De deur kraakte en klemde nog steeds terwijl ze hem open duwde, maar ondertussen had ze wel een plank weten te timmeren waar ze het gat in de muur had geslagen. Hopelijk kon één van de sollicitanten een beetje klussen, want aan de boerderij zelf moest ook nog veel gebeuren. Zijzelf kon het ook wel, maar ze had maar zoveel uren op een dag en ze moest er ook elke dag vroeg uit om te voederen. Ze trok haar vieze handschoenen kalmpjes uit en mikte ze in een mand op de tafel. Ze gewoon op tafel leggen was immers vies, ze moest er nog van eten. Rustig draaide ze de kraan open en spoelde ze haar handen. Het was toch een zegening om water te hebben. De eerste dag had ze zonder gezeten, maar ze hadden het snel genoeg weer aangesloten, dat moest ze het energie bedrijf nageven. Het huis stond ook heel lang leeg en in de winter kan je dan geen water in de leidingen hebben. Hapu snapte het dan ook wel, maar het was gewoon doodvervelend om zonder water te zitten. Ze spoelde haar handen grondig met zeep en droogde ze daarna af. Geen mestgeur meer, dat kon ze nog wel opbrengen voor de sollicitant. Maar ze zat alsnog onder de smeer en zooi. Maar zich helemaal omkleden om daarna weer aan het werk te gaan? Nee dat ging ze niet doen.
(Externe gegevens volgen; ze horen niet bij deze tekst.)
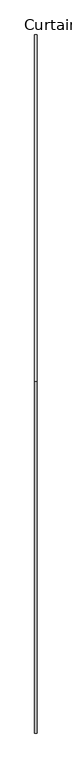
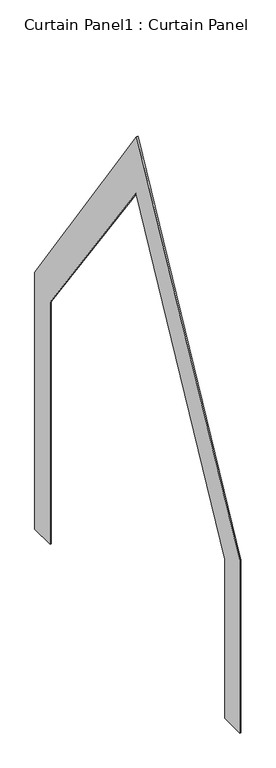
"""IFC4 building model written with IfcOpenShell, lengths in millimetres: plate geometry, Curtain Panel1 : Curtain Panel."""

from ifc_helpers import new_model, si_unit, frame, origin, place, context, project, spatial, polyline, outline, extrude, source, transform, mapped, element, save


def curtain_panel1_curtain_panel_2af1ea26(model_context):
    return source(origin(), model_context, "Body", "SweptSolid", [
        extrude(outline(polyline([(2650.8824873, 300.0), (2139.604502, 300.0), (2139.604502, 5293.9251089), (-778.4625362, 9317.4706722), (-3794.9753259, 3588.4101482), (-3794.9753259, 300.0), (-4294.9753259, 300.0), (-4294.9753259, 3866.1142827), (-802.0464193, 10500.0), (2650.8824873, 5603.4924136), (2650.8824873, 300.0)])), frame((-7607.9571443, 0.0, 0.0), z_axis=(1.0, 0.0, 0.0), x_axis=(0.0, 1.0, 0.0)), (0.0, 0.0, 1.0), 25.0),
    ])


if __name__ == "__main__":
    model = new_model("IFC4")
    model_context = context("Model", 3, world=origin())
    ifc_project = project(units=[si_unit("LENGTHUNIT", "METRE", prefix="MILLI")], contexts=[model_context])
    site = spatial("IfcSite", under=ifc_project)
    building = spatial("IfcBuilding", under=site)
    placement = place(None, origin())
    curtain_panel1_curtain_panel_shape = curtain_panel1_curtain_panel_2af1ea26(model_context)
    element("IfcPlate", 1, ObjectType="Curtain Panel1 : Curtain Panel", at=placement, inside=building, context=model_context, shape_type="MappedRepresentation", body=[
        mapped(curtain_panel1_curtain_panel_shape, transform((0.0, 0.0, 0.0), x_axis=(1.0, 0.0, 0.0), y_axis=(0.0, 1.0, 0.0), z_axis=(0.0, 0.0, 1.0))),
    ])
    save(model, "model.ifc")

Ze hoorde het grind van het pad knarsen onder voetstappen en haalde nog even kort een verlepte handdoek over haar handen. Aramis balkte al een keer kort en trippelde al naar de deur. Zijn hoefjes maakten doffe klopjes op de grond, wat Hapu toch ergens wel schattig vond. Rustig liep ze zelf ook naar de deur, om deze alvast open te doen voor de sollicitant. Het was een roodharige jongeman die wonderbaarlijk netjes gekleed was. Hapu trok eventjes haar wenkbrauw op en keek even naar haar eigen modderige, paarse outfit. Nee, alles behalve netjes. Haar wilde haren waren opgedraaid in twee dikke vlechten, maar ook daar staken sprieten uit. Nee, netjes was ze niet. Maar ze kon het wel waarderen dat de jongeman op z’n minst een poging had gedaan. Daar viel ook wel weer wat voor te zeggen. Toch wilde Hapu graag zien wat voor vlees ze in de kuip had bij deze jongeman. Ze keek dan ook omhoog naar hem, haar intense paarse ogen vragend. “Ja? Kan ik je ergens mee helpen?” vroeg ze op een rustige toon. Ze kon er immers niet van uitgaan dat het de sollicitant was. Ze had hem immers nog helemaal nooit gezien. Straks was het zo’n enge Arceus’ getuige ofzo. Nee, als dat het geval was, dan zou ze Mooligan achter hem aansturen. Daar zat ze helemaal niet op te wachten namelijk. Mooligan vond dat verder altijd wel leuk, de Tauros haalde er lichaamsbeweging uit en mensen wegjagen leek hem persoonlijk plezier te bezorgen. Gelukkig deed hij het nooit bij Hapu, maar dat durfde hij ook niet. Hapu had de broek aan in die ‘relatie’.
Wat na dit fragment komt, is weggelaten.